Small puffs of clouds ran past under us in short bursts, hiding the city at broken intervals. In between them I could see black shadows sweeping rapidly across the beehive: heavy clouds were passing in front of the moon.
The weather was not improving as we flew further south; it was already poor when we had left England. After all the leaflets had gone, the despatcher started throwing out little cylindrical boxes with tiny parachutes packed on top of them. They whistled as they hit the slip-stream.

"They're pigeons," the sergeant explained after he had closed the trap again. "There's a questionnaire from the BBC in the box with them. The idea is that people answer the questions and let the pigeons fly back home with them. Pretty simple - but I bet half the folks down there eat them. I'm sure I would," he added, with a wink.

Pretty simple, indeed. I wondered how many simple things went on like that that no one knew about. All along, I had ached to keep some sort of a diary of all my activities and new sensations; but that was strictly forbidden, for obvious reasons of security.

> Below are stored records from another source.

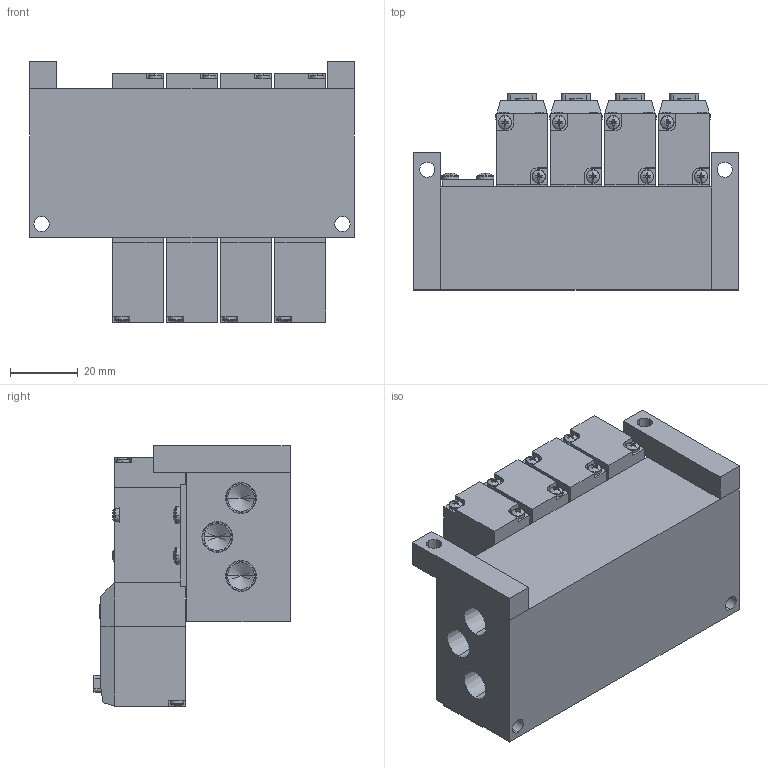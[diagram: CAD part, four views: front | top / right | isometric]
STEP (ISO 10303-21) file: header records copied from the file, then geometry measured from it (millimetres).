
FILE_DESCRIPTION (( 'STEP AP203' ), '1' );
FILE_NAME ('MFS#-PC5-01-B-U.STEP', '2016-02-04T03:25:49', ( 'Sam Lin' ), ( '' ), 'SwSTEP 2.0', 'SolidWorks 2013', '' );
FILE_SCHEMA (( 'CONFIG_CONTROL_DESIGN' ));
Length unit declared in the file: metre
Products named in the file (11): ISO 7045 - M2.5 x 25; PC5-2; ISO 7045 - M2 x 10; PC5-4; PC5-5; PC5-3-U; PC-MARK; MFS#-PC5-01-B-U; PC5-6; MFS-01-B; MFS-02
Assembly tree (52 placements, depth 2):
  MFS#-PC5-01-B-U
    MFS-01-B
    MFS-02
    ISO 7045 - M2.5 x 25  x10
    PC5-2  x4
    ISO 7045 - M2 x 10  x16
    PC5-5  x4
    PC-MARK  x4
    PC5-6  x4
    PC5-4  x4
    PC5-3-U  x4
Bounding box: 96 x 58 x 77.07 mm (x, y, z)
Volume: 221441.2 mm3; surface area: 67997.8 mm2
Topology: 78 solids, 78 shells, 2014 faces, 4931 edges, 3053 vertices
Faces by surface type: plane 1112, cylinder 376, cone 338, bspline 188
Entity records: 15083 total; most frequent: CARTESIAN_POINT 2745, DIRECTION 2162, ORIENTED_EDGE 1998, EDGE_CURVE 999, AXIS2_PLACEMENT_3D 794, VERTEX_POINT 647, VECTOR 574, LINE 574

Now, as I sat down near Jean-Claude again, I wondered how long I would remember my emotions. Maybe I could write them down some day, but what day and when? The past months were very clear and very much of a whole in my memory, although, as soon as we had taken off, their disagreeable moments had receded into a distant unconsciousness.

Could it really be only six months ago that I had had my first interview?

"Do you speak French?" a short and jumpy Captain had asked. His voice was high-pitched and piercing. I had found his cold and bare office after losing myself several times in a labyrinth of corridors inside a large and nondescript block of flats.

"How is it that you speak French so fluently?"

I had explained that I had a French mother and had always lived on the Continent and been brought up like a French girl.

"Are you ready to leave England? Are you ready to do anything we may ask you against the enemy? Can you ride a bicycle?"

I had said yes to everything, although I had no idea what he was getting at.

Three weeks later I had understood, as I began my courses in various super-secret `schools'; hair-raising cross-examinations, tough soldier's training. If anyone had told me that I would spend the summer of 1943 being timed at assault courses, tapping Morse messages on a dummy key, shooting at moving pieces of cardboard, crawling across the countryside and blowing up mock targets, I would have shrugged my shoulders with disbelief.